Judul: 1453: Detik-detik Jatuhnya Konstantinopel ke Tangan Muslim
Penulis: Roger Crowley
Penerbit: Alvabet, 2011
Tebal: 408 halaman
Kondisi: Stok lama (bagus)
Harga: Rp. 90.000 (blm ongkir)
SMS/WA: 085225918312


Konstantinopel adalah kota yang dibangun Kaisar Romawi Timur (Byzantium), bernama Constantine I, pada tahun 330. Kota ini sangat strategis. Letaknya di antara batas Eropa dan Asia, baik di darat sebagai salah satu Jalur Sutera maupun di laut, antara Laut Tengah dan Laut Hitam. Ia juga dianggap sebagai titik terbaik sebagai pusat kebudayaan dunia, setidaknya pada kondisi geopolitik pada saat itu.

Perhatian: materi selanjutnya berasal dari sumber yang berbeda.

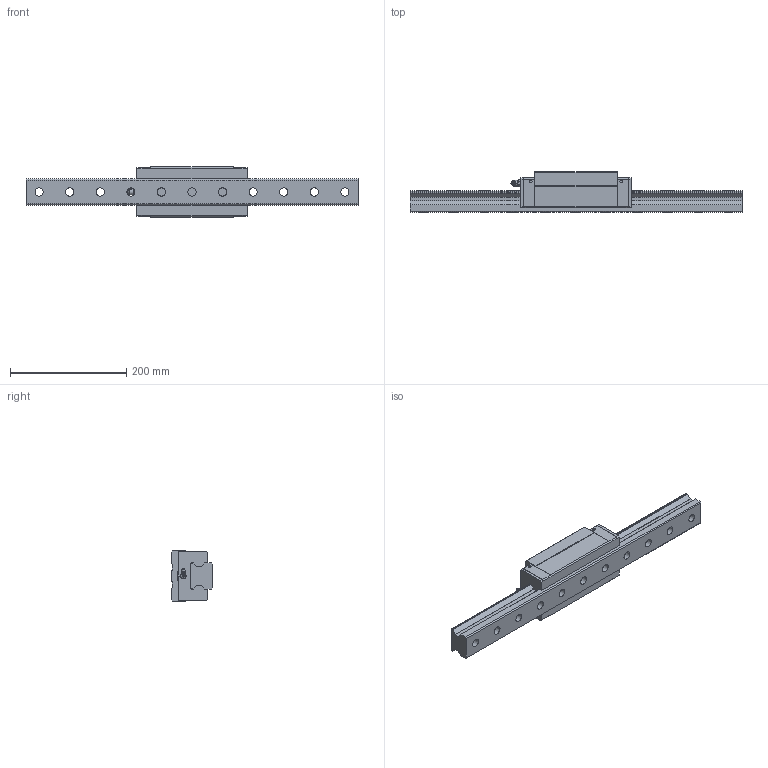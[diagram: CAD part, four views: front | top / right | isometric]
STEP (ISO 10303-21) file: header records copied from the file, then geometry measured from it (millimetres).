
FILE_DESCRIPTION(/* description */ ('STEP AP203'),/* implementation_level */ '2;1');
FILE_NAME(/* name */ 'SRG45LR1SS-570LH_G22-5_0_B-PT18_190_0_0_0_1',/* time_stamp */ '2024-05-23T10:22:16+02:00',/* author */ ('License CC BY-ND 4.0'),/* organization */ ('CADENAS'),/* preprocessor_version */ 'ST-DEVELOPER v19.3',/* originating_system */ 'PARTsolutions',/* authorisation */ ' ');
FILE_SCHEMA (('CONFIG_CONTROL_DESIGN'));
Length unit declared in the file: millimetre
Products named in the file (4): SRG45LR1SS-570LH_G22-5_0_B-PT18_190_0_0_0_1; SRG45LR57022.54 Track; SRG45LRSSB-PT1/81 Slide25-55; SRG-B-PT1/8_grease_nipple_joint
Assembly tree (3 placements, depth 2):
  SRG45LR1SS-570LH_G22-5_0_B-PT18_190_0_0_0_1
    SRG45LR57022.54 Track
    SRG45LRSSB-PT1/81 Slide25-55
    SRG-B-PT1/8_grease_nipple_joint
Bounding box: 570 x 70 x 86 mm (x, y, z)
Volume: 1486589.9 mm3; surface area: 200049.2 mm2
Topology: 3 solids, 3 shells, 214 faces, 535 edges, 348 vertices
Faces by surface type: plane 140, cylinder 47, cone 22, torus 3, sphere 2
Full cylindrical faces by diameter (mm): 5.2 x4, 8.376 x6, 9.6 x1, 10.2 x2, 14 x11, 20 x11
Entity records: 6156 total; most frequent: CARTESIAN_POINT 1149, DIRECTION 990, ORIENTED_EDGE 922, EDGE_CURVE 461, VERTEX_POINT 342, AXIS2_PLACEMENT_3D 338, FACE_BOUND 325, EDGE_LOOP 319
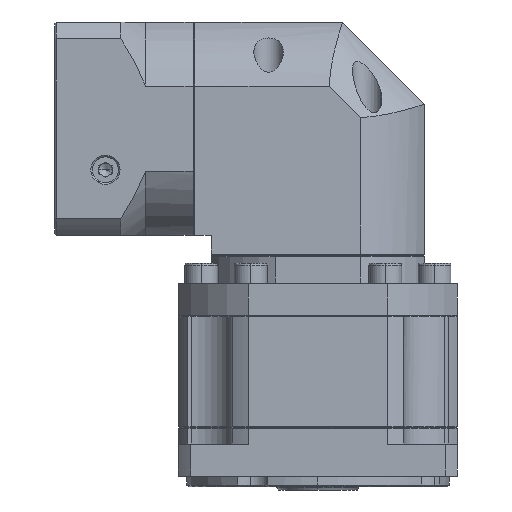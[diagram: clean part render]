
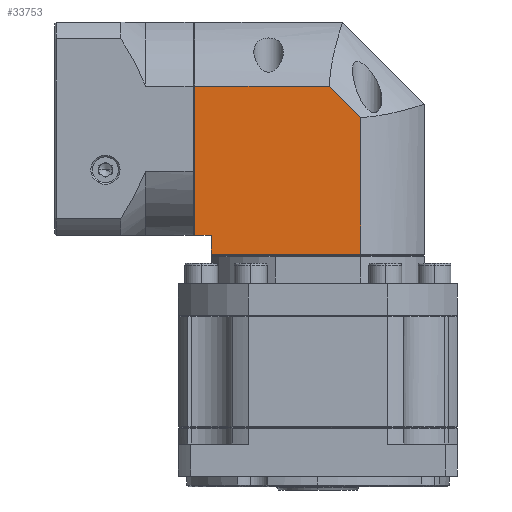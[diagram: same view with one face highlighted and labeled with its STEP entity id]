
A CAD part, left-side view. The second image highlights one B-rep face of the part: STEP entity #33753.
In plain terms, the highlighted planar face has unit normal (-1, 0, 0).
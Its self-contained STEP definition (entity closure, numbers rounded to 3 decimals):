
#538 = CARTESIAN_POINT ( 'NONE',  ( -101.755, 59.689, -29.288 ) ) ;
#1529 = VECTOR ( 'NONE', #16926, 1000. ) ;
#2265 = EDGE_LOOP ( 'NONE', ( #130955, #3633, #26612, #103535, #97877, #37790, #85470 ) ) ;
#3633 = ORIENTED_EDGE ( 'NONE', *, *, #79049, .F. ) ;
#6703 = VECTOR ( 'NONE', #69497, 1000. ) ;
#6708 = CARTESIAN_POINT ( 'NONE',  ( -101.755, 14.198, 6.705 ) ) ;
#7076 = EDGE_CURVE ( 'NONE', #28562, #58117, #132956, .T. ) ;
#10294 = LINE ( 'NONE', #124659, #116003 ) ;
#10387 = VECTOR ( 'NONE', #34589, 1000. ) ;
#12994 = EDGE_CURVE ( 'NONE', #60307, #56102, #102677, .T. ) ;
#16302 = LINE ( 'NONE', #110203, #6703 ) ;
#16926 = DIRECTION ( 'NONE',  ( 0., 0., -1. ) ) ;
#25588 = CARTESIAN_POINT ( 'NONE',  ( -101.755, 64.689, 16.203 ) ) ;
#26612 = ORIENTED_EDGE ( 'NONE', *, *, #42927, .T. ) ;
#26933 = CARTESIAN_POINT ( 'NONE',  ( -101.755, -5.311, -39.288 ) ) ;
#28562 = VERTEX_POINT ( 'NONE', #6708 ) ;
#31596 = CARTESIAN_POINT ( 'NONE',  ( -101.755, 59.689, -34.988 ) ) ;
#33359 = VERTEX_POINT ( 'NONE', #81232 ) ;
#33586 = LINE ( 'NONE', #55759, #46372 ) ;
#33753 = ADVANCED_FACE ( 'NONE', ( #103341 ), #57833, .T. ) ;
#34589 = DIRECTION ( 'NONE',  ( 0., -0.707, -0.707 ) ) ;
#37039 = VECTOR ( 'NONE', #65204, 1000. ) ;
#37458 = AXIS2_PLACEMENT_3D ( 'NONE', #26933, #47921, #100258 ) ;
#37606 = LINE ( 'NONE', #116955, #10387 ) ;
#37790 = ORIENTED_EDGE ( 'NONE', *, *, #84596, .T. ) ;
#41467 = CARTESIAN_POINT ( 'NONE',  ( -101.755, 23.696, 16.203 ) ) ;
#42927 = EDGE_CURVE ( 'NONE', #48130, #33359, #16302, .T. ) ;
#46372 = VECTOR ( 'NONE', #85747, 1000. ) ;
#47921 = DIRECTION ( 'NONE',  ( -1., 0., 0. ) ) ;
#48130 = VERTEX_POINT ( 'NONE', #25588 ) ;
#55231 = VERTEX_POINT ( 'NONE', #41467 ) ;
#55759 = CARTESIAN_POINT ( 'NONE',  ( -101.755, -5.311, -34.988 ) ) ;
#56102 = VERTEX_POINT ( 'NONE', #538 ) ;
#57833 = PLANE ( 'NONE',  #37458 ) ;
#58117 = VERTEX_POINT ( 'NONE', #94689 ) ;
#60307 = VERTEX_POINT ( 'NONE', #31596 ) ;
#65204 = DIRECTION ( 'NONE',  ( 0., -1., 0. ) ) ;
#69497 = DIRECTION ( 'NONE',  ( 0., 0., -1. ) ) ;
#75487 = VECTOR ( 'NONE', #129025, 1000. ) ;
#79049 = EDGE_CURVE ( 'NONE', #48130, #55231, #86777, .T. ) ;
#81232 = CARTESIAN_POINT ( 'NONE',  ( -101.755, 64.689, -29.288 ) ) ;
#82666 = DIRECTION ( 'NONE',  ( 0., 1., 0. ) ) ;
#84596 = EDGE_CURVE ( 'NONE', #60307, #58117, #33586, .T. ) ;
#85470 = ORIENTED_EDGE ( 'NONE', *, *, #7076, .F. ) ;
#85747 = DIRECTION ( 'NONE',  ( 0., -1., 0. ) ) ;
#86777 = LINE ( 'NONE', #126966, #37039 ) ;
#88276 = CARTESIAN_POINT ( 'NONE',  ( -101.755, 59.689, -39.288 ) ) ;
#94661 = EDGE_CURVE ( 'NONE', #55231, #28562, #37606, .T. ) ;
#94689 = CARTESIAN_POINT ( 'NONE',  ( -101.755, 14.198, -34.988 ) ) ;
#97877 = ORIENTED_EDGE ( 'NONE', *, *, #12994, .F. ) ;
#100258 = DIRECTION ( 'NONE',  ( 0., 0., -1. ) ) ;
#102677 = LINE ( 'NONE', #88276, #75487 ) ;
#103341 = FACE_OUTER_BOUND ( 'NONE', #2265, .T. ) ;
#103535 = ORIENTED_EDGE ( 'NONE', *, *, #126073, .F. ) ;
#110203 = CARTESIAN_POINT ( 'NONE',  ( -101.755, 64.689, -29.288 ) ) ;
#116003 = VECTOR ( 'NONE', #82666, 1000. ) ;
#116955 = CARTESIAN_POINT ( 'NONE',  ( -101.755, -347.106, -354.599 ) ) ;
#119497 = CARTESIAN_POINT ( 'NONE',  ( -101.755, 14.198, 35.712 ) ) ;
#124659 = CARTESIAN_POINT ( 'NONE',  ( -101.755, -5.311, -29.288 ) ) ;
#126073 = EDGE_CURVE ( 'NONE', #56102, #33359, #10294, .T. ) ;
#126966 = CARTESIAN_POINT ( 'NONE',  ( -101.755, -5.311, 16.203 ) ) ;
#129025 = DIRECTION ( 'NONE',  ( 0., 0., 1. ) ) ;
#130955 = ORIENTED_EDGE ( 'NONE', *, *, #94661, .F. ) ;
#132956 = LINE ( 'NONE', #119497, #1529 ) ;

Tak mengherankan bila Konstantinopel selalu menjadi kota rebutan bangsa-bangsa dunia, baik dari Eropa, Rusia, Afrika, Persia, Arab-muslim, bahkan Kesultanan Turki. Kekhalifahan Islam sendiri, dalam rentang 800 tahun, sudah mencoba merebutnya, tapi selalu gagal. Dimulai dari Khalifah Muawiyah bin Abu Sufyan (44 H), Sulaiman bin Abdul Malik (98 H), Harun al-Rasyid (190 H), hingga masa Kesultanan Turki Utsmani --sejak Sultan Bayazid I (796 H) hingga Sultan Murad II (1451 M).

Buku ini mengisahkan kembali keberhasilan Sultan Mehmet II (Mahmud II), putra Sultan Murad II, dalam membebaskan Konstantinopel dari tangan Kaisar Constantine XI Paleologus. Sebuah prestasi besar yang tak pernah bisa dilakukan para khalifah Islam sebelumnya.

Peristiwa ini menandai terbukanya dunia Timur Tengah menuju dunia modern yang, menurut Abul Hasan Ali al-Hasani an-Nadwi dalam bukunya, Madza Khasira al-Alam bi Inhithath al-Muslimin, telah membangkitkan kembali semangat kaum muslimin untuk mengembalikan kejayaan dan kewibawaan Islam di mata dunia pasca-keruntuhan Bani Abasyiah oleh tentara Tartar Mongol.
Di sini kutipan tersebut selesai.